Do Financial Regulations Shape the Functioning of Financial Institutions’ Risk Management in Asset-Backed Securities Investment?

Review of Financial Studies 2020 33(6), 2506-2553
We show that installing stronger risk management into financial institutions—a proposal widely discussed following the 2008 financial crisis—is insufficient to constrain institutions’ exposure to investment with lurking risk, such as asset-backed securities (ABS). Regulations affect the functioning of risk management: risk management constrains institutions’ exposure to risky ABS when they face mark-to-market reporting combined with capital requirements; however, this role is considerably weaker when capital requirements are combined with historical cost accounting. We find suggestive evidence that financial regulations affect risk management functions through promoting risk managers’ efforts in uncovering ABS risk and curbing executives’ incentives to take excessive risk. Authors have furnished an Internet Appendix, which is available on the Oxford University Press Web site next to the link to the final published paper online.

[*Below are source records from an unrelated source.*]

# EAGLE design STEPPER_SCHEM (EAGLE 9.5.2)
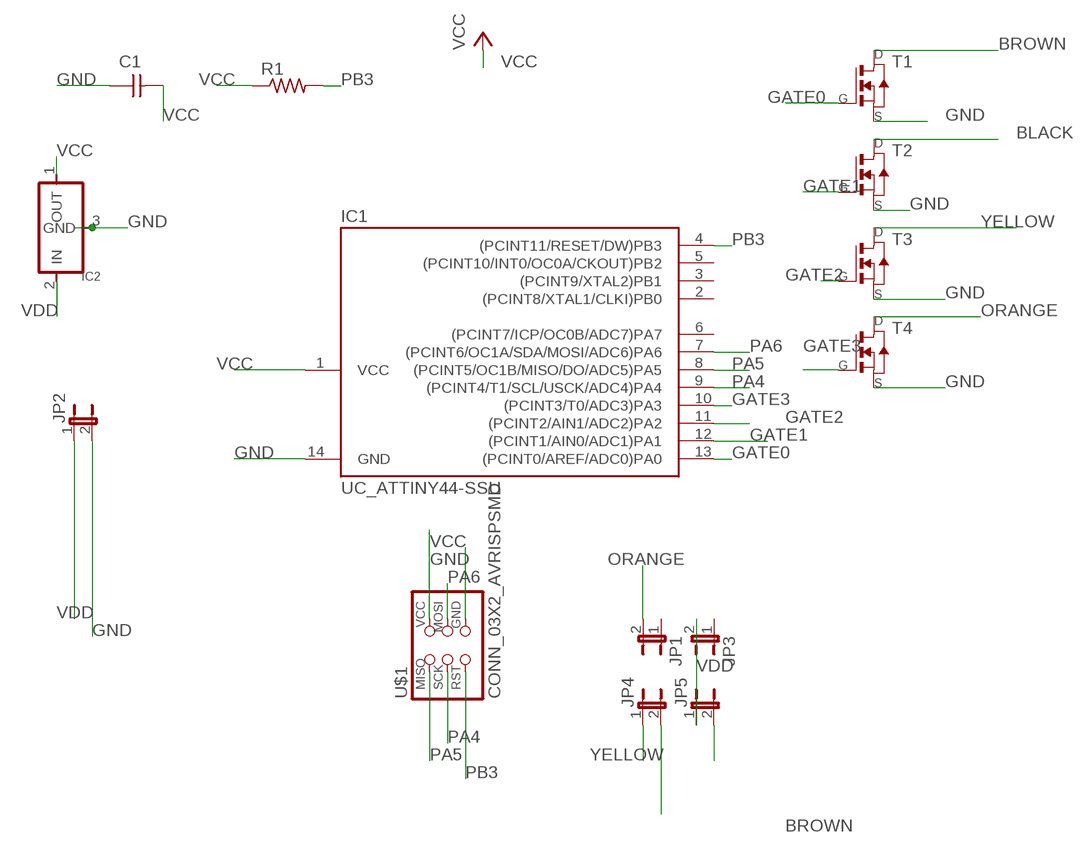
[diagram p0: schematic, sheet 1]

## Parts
C1  CAP_UNPOLARIZEDFAB  [C1206FAB]
IC1  UC_ATTINY44-SSU  [SOIC14]
IC2  VR_REGULATOR-SOT23SOT23  [SOT23]
JP1  JP1E  [JP1]
JP2  JP1E  [JP1]
JP3  JP1E  [JP1]
JP4  JP1E  [JP1]
JP5  JP1E  [JP1]
R1  R1206FAB  [R1206FAB]
T1  MOSFET_NSOT23  [SOT-23]
T2  MOSFET_NSOT23  [SOT-23]
T3  MOSFET_NSOT23  [SOT-23]
T4  MOSFET_NSOT23  [SOT-23]
U$1  CONN_03X2_AVRISPSMD  [2X03SMD]

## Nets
BLACK: JP4.2 T2.1(D)
BROWN: JP5.2 T1.1(D)
GATE0: IC1.13((PCINT0/AREF/ADC0)PA0) T1.3(G)
GATE1: IC1.12((PCINT1/AIN0/ADC1)PA1) T2.3(G)
GATE2: IC1.11((PCINT2/AIN1/ADC2)PA2) T3.3(G)
GATE3: IC1.10((PCINT3/T0/ADC3)PA3) T4.3(G)
GND: C1.1 IC1.14(GND) IC2.3(GND) JP2.2 T1.2(S) T2.2(S) T3.2(S) T4.2(S) U$1.6(GND)
ORANGE: JP1.2 T4.1(D)
PA4: IC1.9((PCINT4/T1/SCL/USCK/ADC4)PA4) U$1.3(SCK)
PA5: IC1.8((PCINT5/OC1B/MISO/DO/ADC5)PA5) U$1.1(MISO)
PA6: IC1.7((PCINT6/OC1A/SDA/MOSI/ADC6)PA6) U$1.4(MOSI)
PB3: IC1.4((PCINT11/RESET/DW)PB3) R1.2 U$1.5(RST)
VCC: C1.2 IC1.1(VCC) IC2.1(OUT) R1.1 U$1.2(VCC)
VDD: IC2.2(IN) JP2.1 JP3.2 JP5.1
YELLOW: JP4.1 T3.1(D)
Unconnected: IC1.2((PCINT8/XTAL1/CLKI)PB0) IC1.3((PCINT9/XTAL2)PB1) IC1.5((PCINT10/INT0/OC0A/CKOUT)PB2) IC1.6((PCINT7/ICP/OC0B/ADC7)PA7) JP1.1 JP3.1

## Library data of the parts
C1 = fab:CAP_UNPOLARIZED
IC1 = fab:UC_ATTINY44
IC2 = fab:VR_REGULATOR-SOT23
JP1-JP5 = jumper:JP1E: JUMPER
R1 = fab:R: Resistor (US Symbol)
T1-T4 = fab:MOSFET_N: MOS FET
U$1 = fab:CONN_03X2_AVRISP

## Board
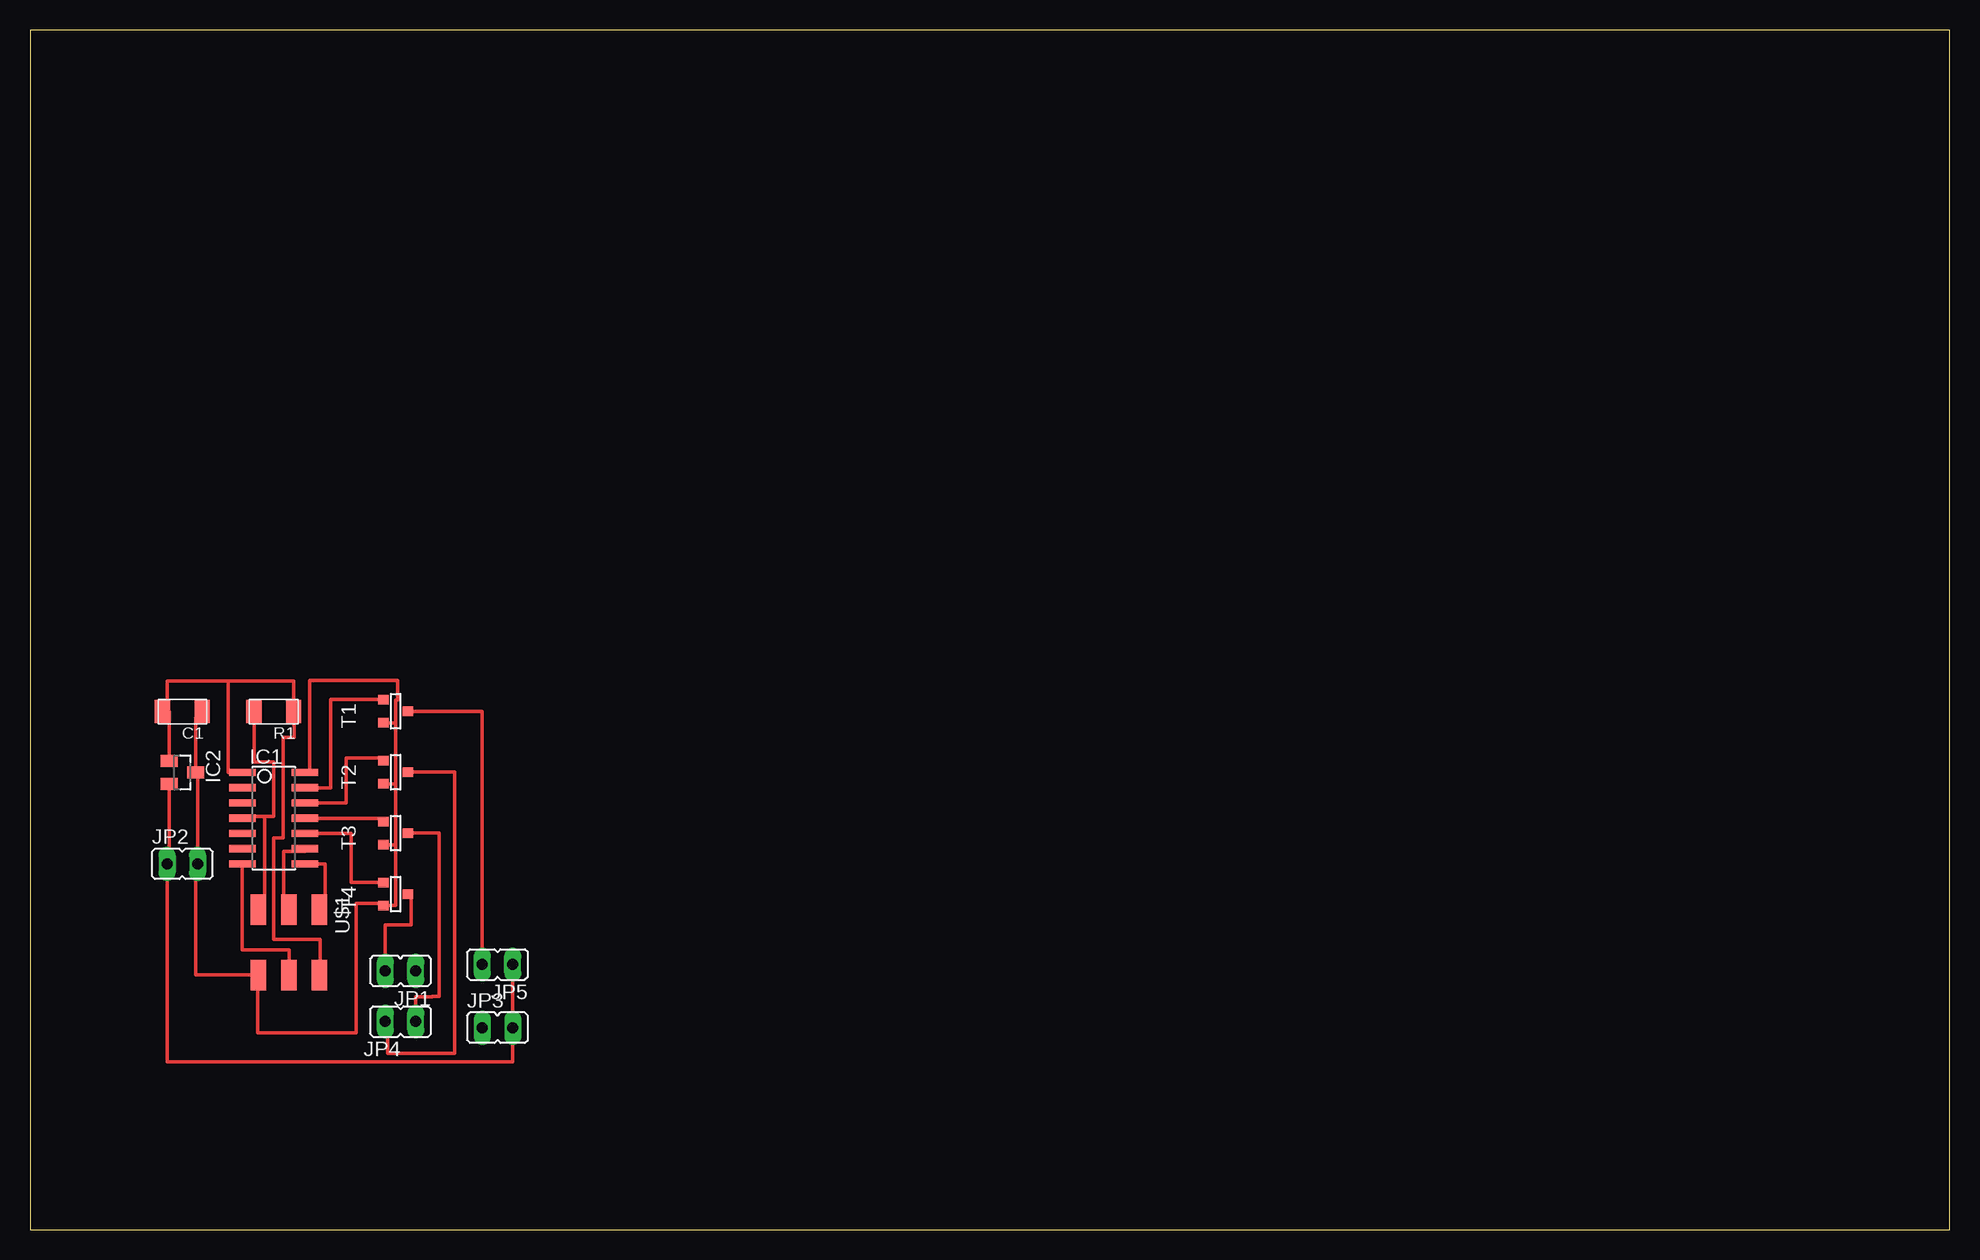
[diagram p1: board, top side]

Size 160 x 100 mm. Coordinates in mm from the lower left corner, seen from the top.
Outline: 0,0 160,0 160,100 0,100 0,0
Copper layers (1*16): Top 0.035mm / dielectric 0.15mm / Bottom 0.035mm
Design rules "default *": minimum track width 12mil, minimum drill 32mm, track to track 16mil, track to pad 16mil, pad to pad 16mil, via to via 16mil, smd to smd 16mil, copper to edge 16mil, drill to drill 16mil, minimum pad ring 10mil, minimum via ring 8mil, stop-mask expansion 4mil, vias tented up to drill 0mil, thermal gap 10mil

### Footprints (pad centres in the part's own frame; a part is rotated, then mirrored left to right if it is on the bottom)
C1206FAB = smd 1.27 x 1.905: 1 -1.651,0; 2 1.651,0
SOIC14 = smd 0.61 x 2.21: 1 -3.81,-2.603; 2 -2.54,-2.603; 3 -1.27,-2.603; 4 0,-2.603; 5 1.27,-2.603; 6 2.54,-2.603; 7 3.81,-2.603; 8 3.81,2.603; 9 2.54,2.603; 10 1.27,2.603; 11 0,2.603; 12 -1.27,2.603; 13 -2.54,2.603; 14 -3.81,2.603
SOT23 = smd 1 x 1.4: 1 -0.95,-1.1; 2 0.95,-1.1; 3 0,1.1
JP1 = drill 0.914 long: 1 0,-1.27; 2 0,1.27
R1206FAB = smd 1.27 x 1.905: 1 -1.651,0; 2 1.651,0
SOT-23 = smd 0.787 x 0.889: 1 0.025,-1.016; 2 -0.94,1.016; 3 0.991,1.016
2X03SMD = smd 2.54 x 1.27: 1 -2.54,2.54; 2 2.92,2.54; 3 -2.54,0; 4 2.92,0; 5 -2.54,-2.54; 6 2.92,-2.54

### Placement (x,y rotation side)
C1  12.7,43.18 180 top
IC1  20.32,34.29 270 top
IC2  12.7,38.1 270 top
JP1  30.89,21.56 90 top
JP2  12.7,30.48 270 top
JP3  38.96,16.81 270 top
JP4  30.89,17.35 90 top
JP5  38.96,22.1 90 top
R1  20.32,43.18 180 top
T1  30.48,43.18 90 top
T2  30.48,38.1 90 top
T3  30.48,33.02 90 top
T4  30.48,27.94 90 top
U$1  21.59,24.13 270 top

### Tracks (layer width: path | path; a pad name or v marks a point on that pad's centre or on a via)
BLACK
  Top 0.305: JP4.2 29.79,17.35 29.79,14.68 35.41,14.68 35.41,38.12 T2.1
BROWN
  Top 0.305: JP5.2 37.69,43.2 T1.1
GATE0
  Top 0.305: IC1.13 25.04,36.83 25.04,44.17 T1.3
GATE1
  Top 0.305: IC1.12 26.34,35.56 26.34,39.29 29.46,39.29 T2.3
GATE2
  Top 0.305: IC1.11 29.46,34.29 T3.3
GATE3
  Top 0.305: IC1.10 26.77,33.02 26.77,28.93 T4.3
GND
  Top 0.305: C1.1 13.8,42.63 IC2.3 13.97,38.1 13.97,30.66 | 13.97,30.66 JP2.2 | IC1.14 23.32,38.1 23.32,45.77 30.66,45.77 30.66,44.16 30.49,44.16 30.49,42.24 | 30.49,42.24 30.49,37.16 | 30.49,37.16 30.49,32.08 | 30.49,32.08 30.49,27 T4.2 29.46,27.2 27.2,27.2 27.2,16.41 19,16.41 19,21.21 U$1.6 13.82,21.21 13.82,30.66 13.97,30.66 | T1.2 30.49,42.24 | T2.2 30.49,37.16 | T3.2 30.49,32.08
ORANGE
  Top 0.305: T4.1 31.75,27.96 31.75,25.4 29.62,25.4 JP1.2
PA4
  Top 0.305: IC1.9 22.92,31.52 21.16,31.52 21.16,26.67 U$1.3
PA5
  Top 0.305: IC1.8 24.61,30.48 24.61,26.67 U$1.1
PA6
  Top 0.305: U$1.4 21.59,23.32 17.7,23.32 17.7,30.48 IC1.7
PB3
  Top 0.305: R1.2 18.67,38.96 20.32,38.96 20.32,34.42 19.56,34.42 | IC1.4 17.84,34.42 19.56,34.42 | 19.56,34.42 19.56,26.67 U$1.5
VCC
  Top 0.305: 11.43,39.22 IC2.1 11.6,43.18 C1.2 11.43,43.18 11.43,45.72 16.51,45.72 | 16.51,45.72 21.97,45.72 R1.1 22.02,43.18 22.02,41.02 21.11,41.02 21.11,32.64 20.3,32.64 20.3,24.18 24.18,24.18 24.18,21.21 U$1.2 | 16.51,45.72 16.51,38.1 IC1.1
VDD
  Top 0.305: JP3.2 JP5.1 40.23,13.97 11.66,13.97 11.43,13.97 JP2.1 11.6,30.48 IC2.2
YELLOW
  Top 0.305: JP4.1 32.16,19.38 33.53,19.38 33.53,19.43 34.11,19.43 34.11,33.05 T3.1

R&D tax credits, technology spillovers, and firms' product convergence

Journal of Corporate Finance 2023 80, 102407
Using a difference-in-differences (DiD) setting that leverages the staggered adoption of R&D tax credits across the U.S. states, we show that after a firm receives the tax credits, products of its peers become significantly more similar to the recipient firm. Such product convergence is particularly strong when peer firms face greater pressure from market participants to uphold short-term performances. We further show that the effect of R&D tax credits likely works through the increased technology spillovers, which motivate peers to imitate instead of differentiating. Accordingly, we show that peer firms shift their patent composition from breakthrough to incremental innovations following the R&D tax subsidy.

Revolving doors on Wall Street

Journal of Financial Economics 2016 120(2), 400-419
Credit analysts often leave rating agencies to work at firms they rate. We use benchmark rating agencies as counterfactuals to measure rating inflation in a difference-in-differences framework and find that transitioning analysts award inflated ratings to their future employers before switching jobs. We find no evidence that analysts inflate ratings of other firms they rate. Market based measures of hiring firms' credit quality further indicate that transitioning analysts' inflated ratings become less informative. We conclude that conflicts of interest at the analyst level distort credit ratings. More broadly, our results shed light on the economic consequences of revolving doors.

Household debt overhang and human capital investment

Journal of Financial Economics 2025 172, 104141
Unlike labor income, human capital is inseparable from individuals and does not completely accrue to creditors. Therefore, human capital investment is more resilient to “debt overhang” than labor supply. We develop a dynamic model displaying this difference. We find that while both labor supply and human capital investment are hump-shaped in household indebtedness, human capital investment declines less aggressively as indebtedness builds up. Importantly, because human capital is only valuable when households expect to supply labor, the greater reduction in labor supply due to debt overhang back-propagates into ex-ante human capital investment. We provide empirical support for the model.